Directions for this task »
Reproduce the entire listing exactly as written, apart from its pictures.
** Opening Input for this task block **
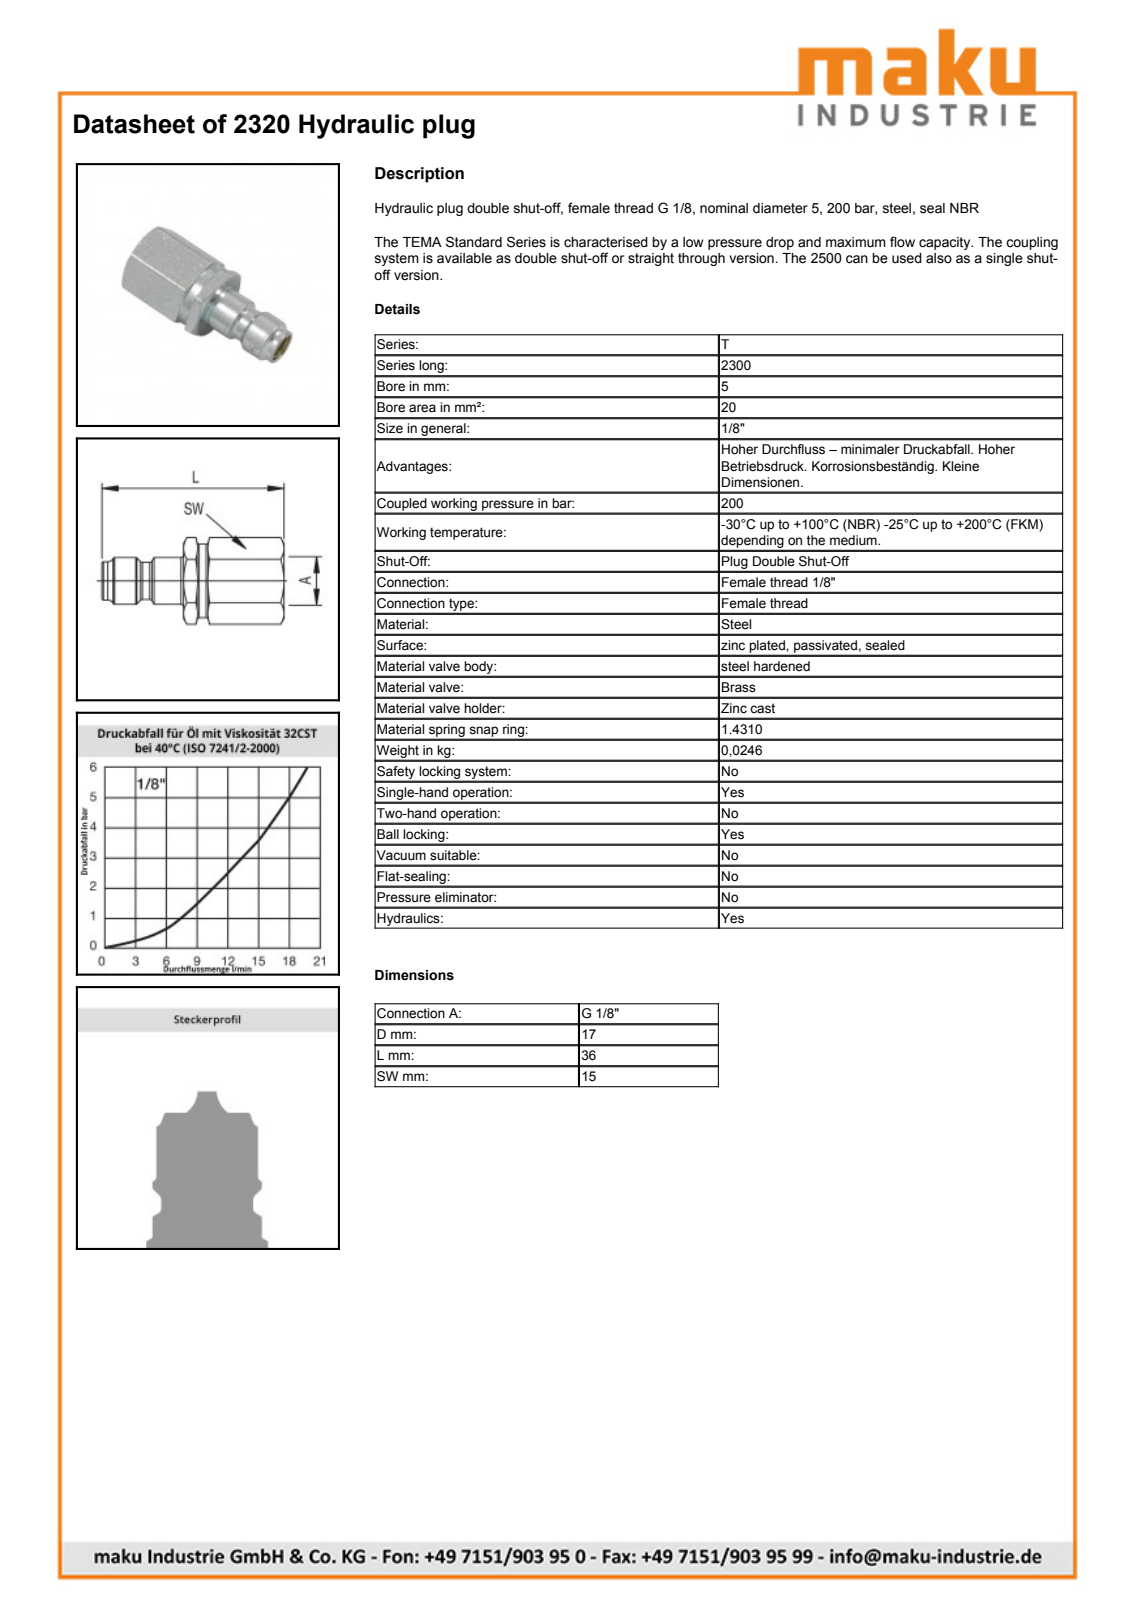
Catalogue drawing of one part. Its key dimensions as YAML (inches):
part_name: "2320"
step_written_by: "SolidWorks 2009 (AUTOMOTIVE_DESIGN)"
units: inches
bodies: {solids: 1, faces: 77, planar: 17, cylindrical: 18, other: 42}
overall_size: [1.423, 0.682, 0.591]
volume: 0.242
surface_area: 3.753
round_holes:
  - {diameter: 0.185, count: 1}
  - {diameter: 0.228, count: 1}
  - {diameter: 0.343, count: 1}
round_bosses_or_shafts:
  - {diameter: 0.579, count: 1}
  - {diameter: 0.376, count: 1}
  - {diameter: 0.307, count: 1}
  - {diameter: 0.283, count: 1}
  - {diameter: 0.224, count: 1}
face_to_face_distances: [0.591, 0.785, 0.39, 0.396, 0.638, 1.028, 1.423, 0.018, 0.62, 1.01]
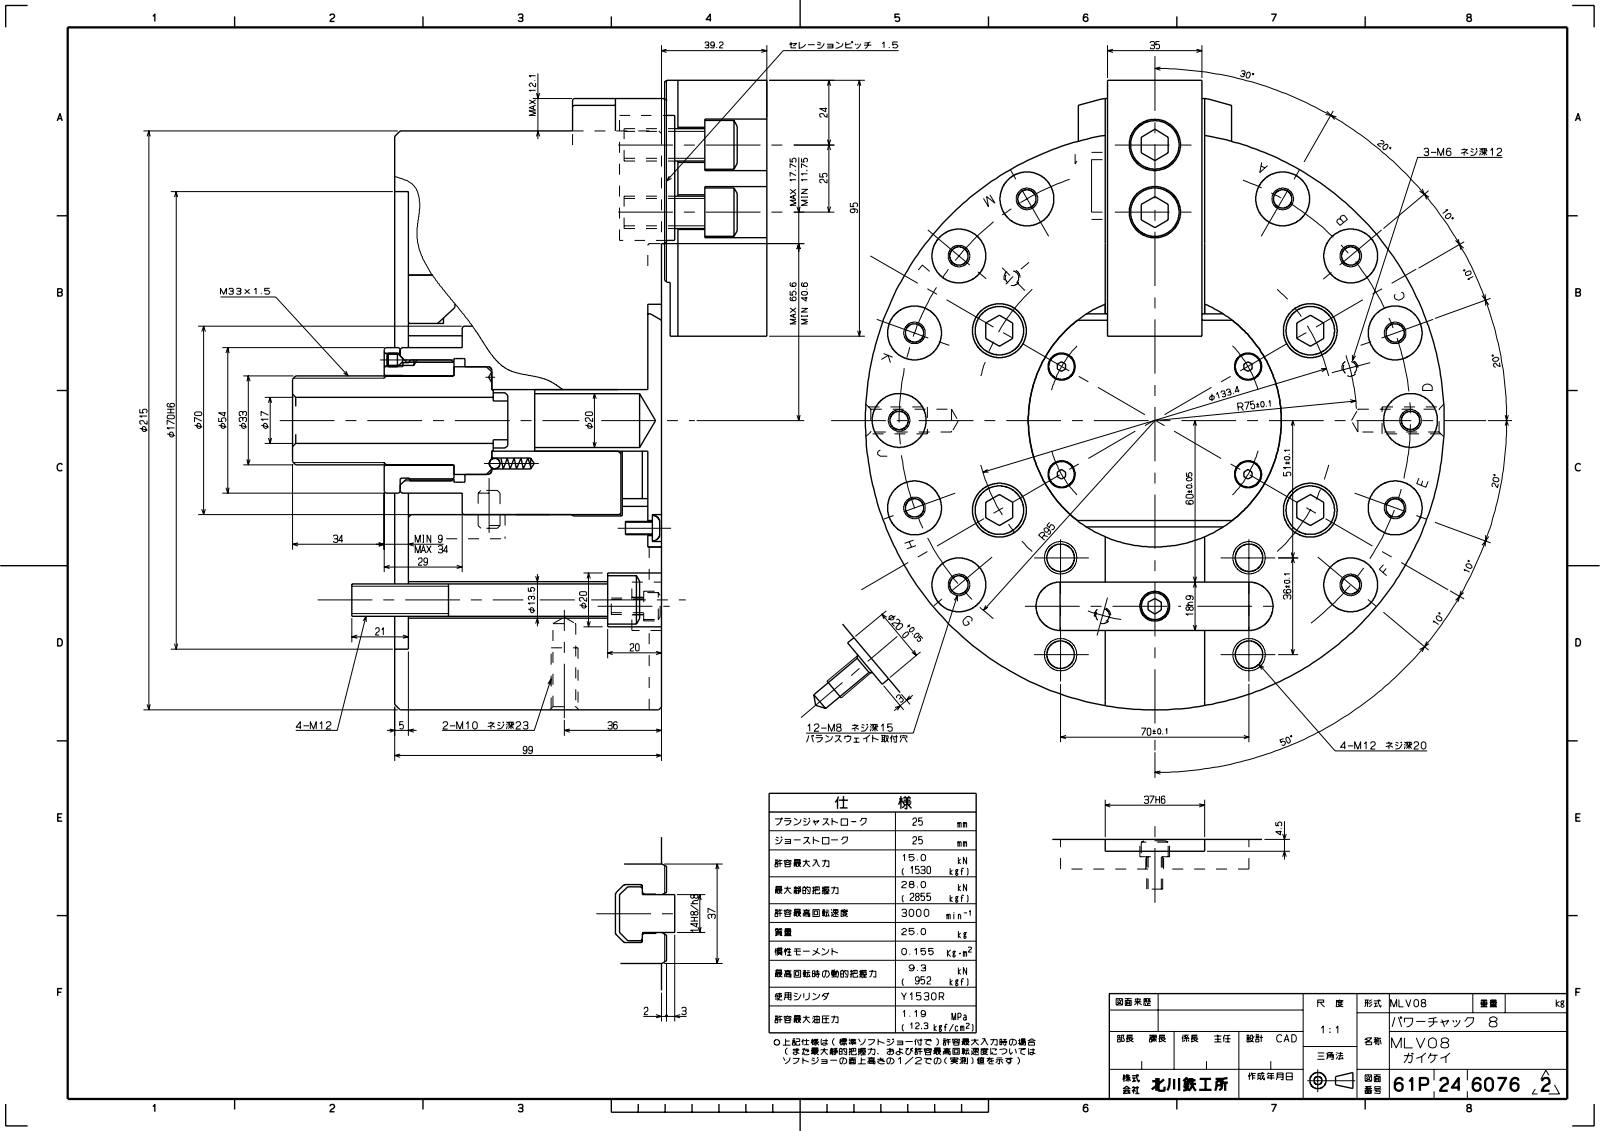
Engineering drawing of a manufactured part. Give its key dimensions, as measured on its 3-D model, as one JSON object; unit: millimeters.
{"part_name": "61P245482_MLV08_ASSY", "step_written_by": "ST-DEVELOPER v16.7 (AUTOMOTIVE_DESIGN)", "units": "millimeters", "bodies": {"solids": 15, "faces": 964, "planar": 857, "cylindrical": 64, "other": 43}, "overall_size": [206.59, 133.2, 110], "volume_mm3": 258876, "surface_area_mm2": 86952, "round_holes": [[5.5, 4], [10, 4], [13, 2], [19, 2], [4.4, 1], [5, 1], [6, 1], [15, 1], [16, 1], [20, 1]], "round_bosses_or_shafts": [[9.5, 4], [5, 4], [18, 3], [13, 2], [12, 2], [8, 2], [6, 2], [23, 1]], "partial_cylinders_radius": [[0.4, 2], [3, 2], [6, 2], [8, 2], [7.3, 1], [10.75, 1], [30, 1], [47, 1]], "face_to_face_distances": [5, 10, 39.2, 35, 33, 12, 16, 17, 21.5, 1], "hole_center_spacings": [40, 69.28, 72.41, 80, 95.12, 109.23, 133.17, 25]}
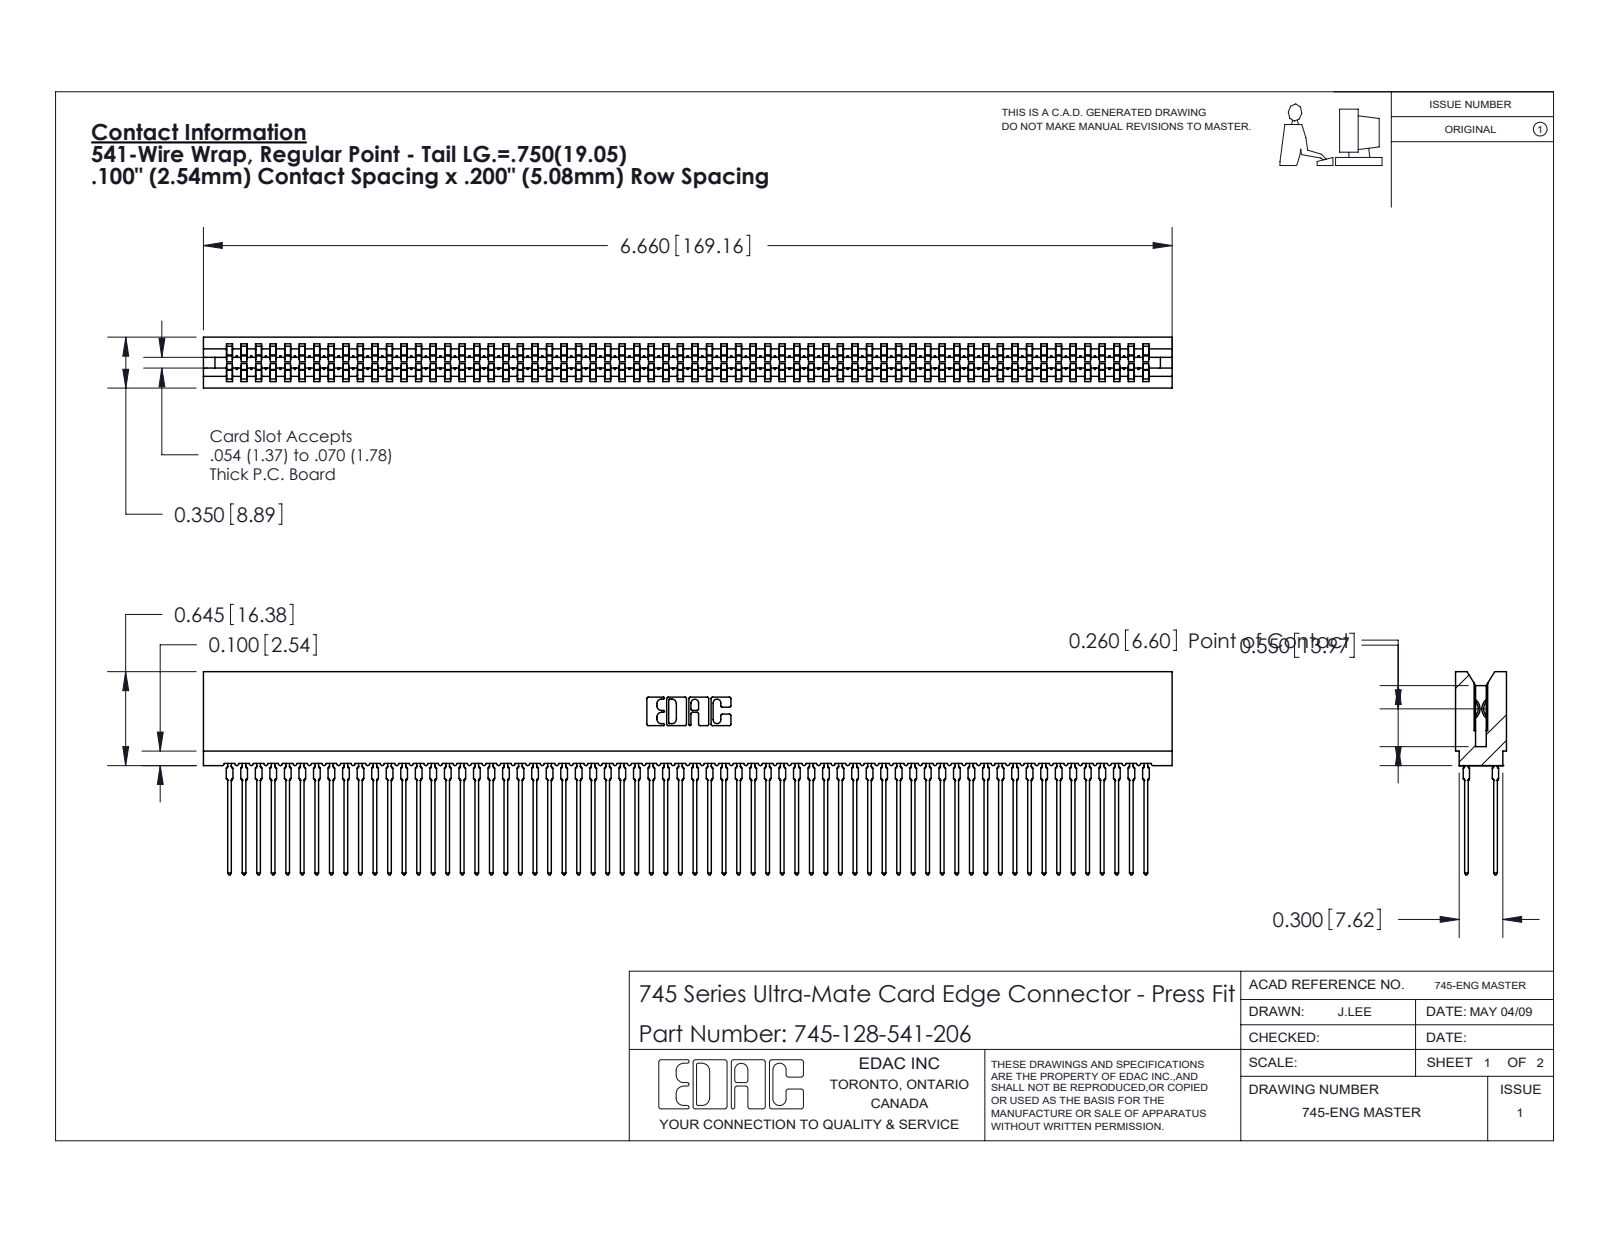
** Closing Input for this task block **
Reply to the exercise »
Catalogue drawing of one part. Its key dimensions as YAML (inches):
part_name: "2320"
step_written_by: "SolidWorks 2009 (AUTOMOTIVE_DESIGN)"
units: inches
bodies: {solids: 1, faces: 77, planar: 17, cylindrical: 18, other: 42}
overall_size: [1.423, 0.682, 0.591]
volume: 0.242
surface_area: 3.753
round_holes:
  - {diameter: 0.185, count: 1}
  - {diameter: 0.228, count: 1}
  - {diameter: 0.343, count: 1}
round_bosses_or_shafts:
  - {diameter: 0.579, count: 1}
  - {diameter: 0.376, count: 1}
  - {diameter: 0.307, count: 1}
  - {diameter: 0.283, count: 1}
  - {diameter: 0.224, count: 1}
face_to_face_distances: [0.591, 0.785, 0.39, 0.396, 0.638, 1.028, 1.423, 0.018, 0.62, 1.01]
Engineering drawing of a manufactured part. Give its key dimensions, as measured on its 3-D model, as one JSON object; unit: millimeters.
{"part_name": "61P245482_MLV08_ASSY", "step_written_by": "ST-DEVELOPER v16.7 (AUTOMOTIVE_DESIGN)", "units": "millimeters", "bodies": {"solids": 15, "faces": 964, "planar": 857, "cylindrical": 64, "other": 43}, "overall_size": [206.59, 133.2, 110], "volume_mm3": 258876, "surface_area_mm2": 86952, "round_holes": [[5.5, 4], [10, 4], [13, 2], [19, 2], [4.4, 1], [5, 1], [6, 1], [15, 1], [16, 1], [20, 1]], "round_bosses_or_shafts": [[9.5, 4], [5, 4], [18, 3], [13, 2], [12, 2], [8, 2], [6, 2], [23, 1]], "partial_cylinders_radius": [[0.4, 2], [3, 2], [6, 2], [8, 2], [7.3, 1], [10.75, 1], [30, 1], [47, 1]], "face_to_face_distances": [5, 10, 39.2, 35, 33, 12, 16, 17, 21.5, 1], "hole_center_spacings": [40, 69.28, 72.41, 80, 95.12, 109.23, 133.17, 25]}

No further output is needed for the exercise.